#### [About this exercise]
Once the line with "#2391=DIRECTION('ref_axis',(0.,0.,-1.));" is found in the entries below, print it and each following line exactly, stopping after the line with "#3191=CARTESIAN_POINT('Origin',(-1.4575,0.,0.));"; print nothing else.

#### [Recorded information]
*** Begin section ***
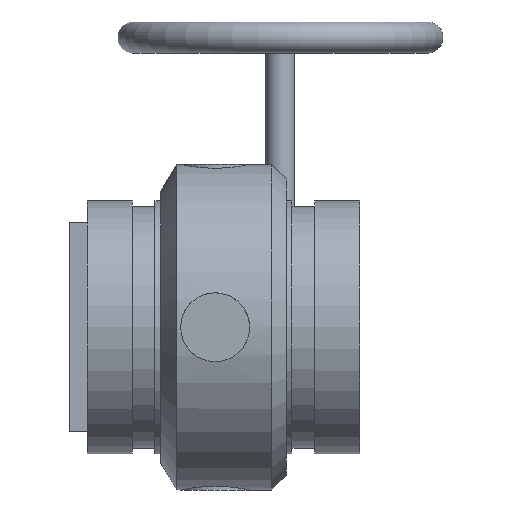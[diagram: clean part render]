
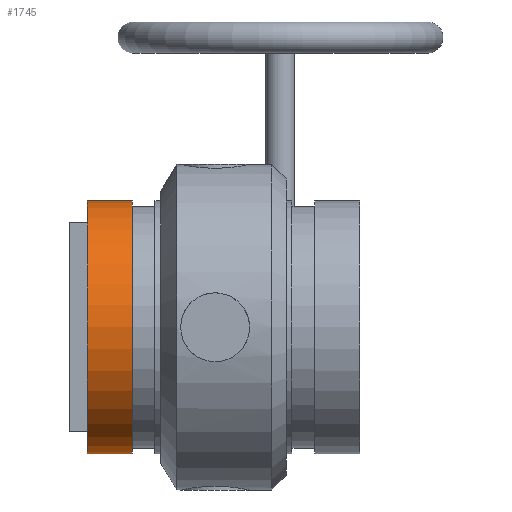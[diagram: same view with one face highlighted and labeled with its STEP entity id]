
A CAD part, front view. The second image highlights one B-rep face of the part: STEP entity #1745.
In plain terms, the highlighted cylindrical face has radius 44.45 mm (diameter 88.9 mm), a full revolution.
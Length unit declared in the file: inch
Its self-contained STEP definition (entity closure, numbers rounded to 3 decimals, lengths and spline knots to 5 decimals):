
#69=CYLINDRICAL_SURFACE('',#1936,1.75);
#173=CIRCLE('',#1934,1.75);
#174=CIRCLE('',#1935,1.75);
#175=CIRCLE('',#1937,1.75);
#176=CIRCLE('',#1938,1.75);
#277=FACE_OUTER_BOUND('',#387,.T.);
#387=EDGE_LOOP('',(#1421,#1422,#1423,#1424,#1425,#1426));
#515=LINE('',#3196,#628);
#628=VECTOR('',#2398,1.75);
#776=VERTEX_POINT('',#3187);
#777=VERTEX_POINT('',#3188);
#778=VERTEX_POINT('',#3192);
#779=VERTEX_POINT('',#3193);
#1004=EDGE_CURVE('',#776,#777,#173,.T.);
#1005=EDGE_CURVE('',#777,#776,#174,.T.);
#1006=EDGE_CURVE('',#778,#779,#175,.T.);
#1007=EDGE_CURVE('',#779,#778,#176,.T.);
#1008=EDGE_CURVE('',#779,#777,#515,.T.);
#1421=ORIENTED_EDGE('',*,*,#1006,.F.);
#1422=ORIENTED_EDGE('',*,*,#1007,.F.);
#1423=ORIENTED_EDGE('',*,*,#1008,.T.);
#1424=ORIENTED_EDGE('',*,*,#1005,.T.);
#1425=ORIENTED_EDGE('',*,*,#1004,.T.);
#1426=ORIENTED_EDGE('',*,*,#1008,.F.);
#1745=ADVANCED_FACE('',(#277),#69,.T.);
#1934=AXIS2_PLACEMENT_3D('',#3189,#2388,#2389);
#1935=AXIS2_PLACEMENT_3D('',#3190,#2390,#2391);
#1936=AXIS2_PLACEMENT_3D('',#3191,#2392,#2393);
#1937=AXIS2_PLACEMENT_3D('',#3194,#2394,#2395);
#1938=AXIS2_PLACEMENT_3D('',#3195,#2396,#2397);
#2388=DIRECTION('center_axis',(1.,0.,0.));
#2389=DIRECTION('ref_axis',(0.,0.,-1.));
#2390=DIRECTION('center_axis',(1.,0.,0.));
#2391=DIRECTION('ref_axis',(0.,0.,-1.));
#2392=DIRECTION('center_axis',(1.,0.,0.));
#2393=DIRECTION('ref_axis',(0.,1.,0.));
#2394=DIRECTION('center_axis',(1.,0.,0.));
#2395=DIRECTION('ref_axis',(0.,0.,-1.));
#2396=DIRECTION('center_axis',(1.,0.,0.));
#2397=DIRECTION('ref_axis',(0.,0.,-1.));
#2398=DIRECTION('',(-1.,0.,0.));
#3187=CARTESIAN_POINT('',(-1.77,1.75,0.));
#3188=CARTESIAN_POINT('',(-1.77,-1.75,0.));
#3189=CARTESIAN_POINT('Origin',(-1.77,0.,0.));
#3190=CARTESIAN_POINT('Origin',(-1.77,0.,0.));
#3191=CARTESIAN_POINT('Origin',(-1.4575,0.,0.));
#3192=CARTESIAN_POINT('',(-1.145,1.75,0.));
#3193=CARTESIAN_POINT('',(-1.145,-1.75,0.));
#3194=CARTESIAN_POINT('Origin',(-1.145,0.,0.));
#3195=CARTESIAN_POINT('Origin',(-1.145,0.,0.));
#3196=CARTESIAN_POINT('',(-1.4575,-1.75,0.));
*** End section ***
#### [Solution for this exercise]
#2391=DIRECTION('ref_axis',(0.,0.,-1.));
#2392=DIRECTION('center_axis',(1.,0.,0.));
#2393=DIRECTION('ref_axis',(0.,1.,0.));
#2394=DIRECTION('center_axis',(1.,0.,0.));
#2395=DIRECTION('ref_axis',(0.,0.,-1.));
#2396=DIRECTION('center_axis',(1.,0.,0.));
#2397=DIRECTION('ref_axis',(0.,0.,-1.));
#2398=DIRECTION('',(-1.,0.,0.));
#3187=CARTESIAN_POINT('',(-1.77,1.75,0.));
#3188=CARTESIAN_POINT('',(-1.77,-1.75,0.));
#3189=CARTESIAN_POINT('Origin',(-1.77,0.,0.));
#3190=CARTESIAN_POINT('Origin',(-1.77,0.,0.));
#3191=CARTESIAN_POINT('Origin',(-1.4575,0.,0.));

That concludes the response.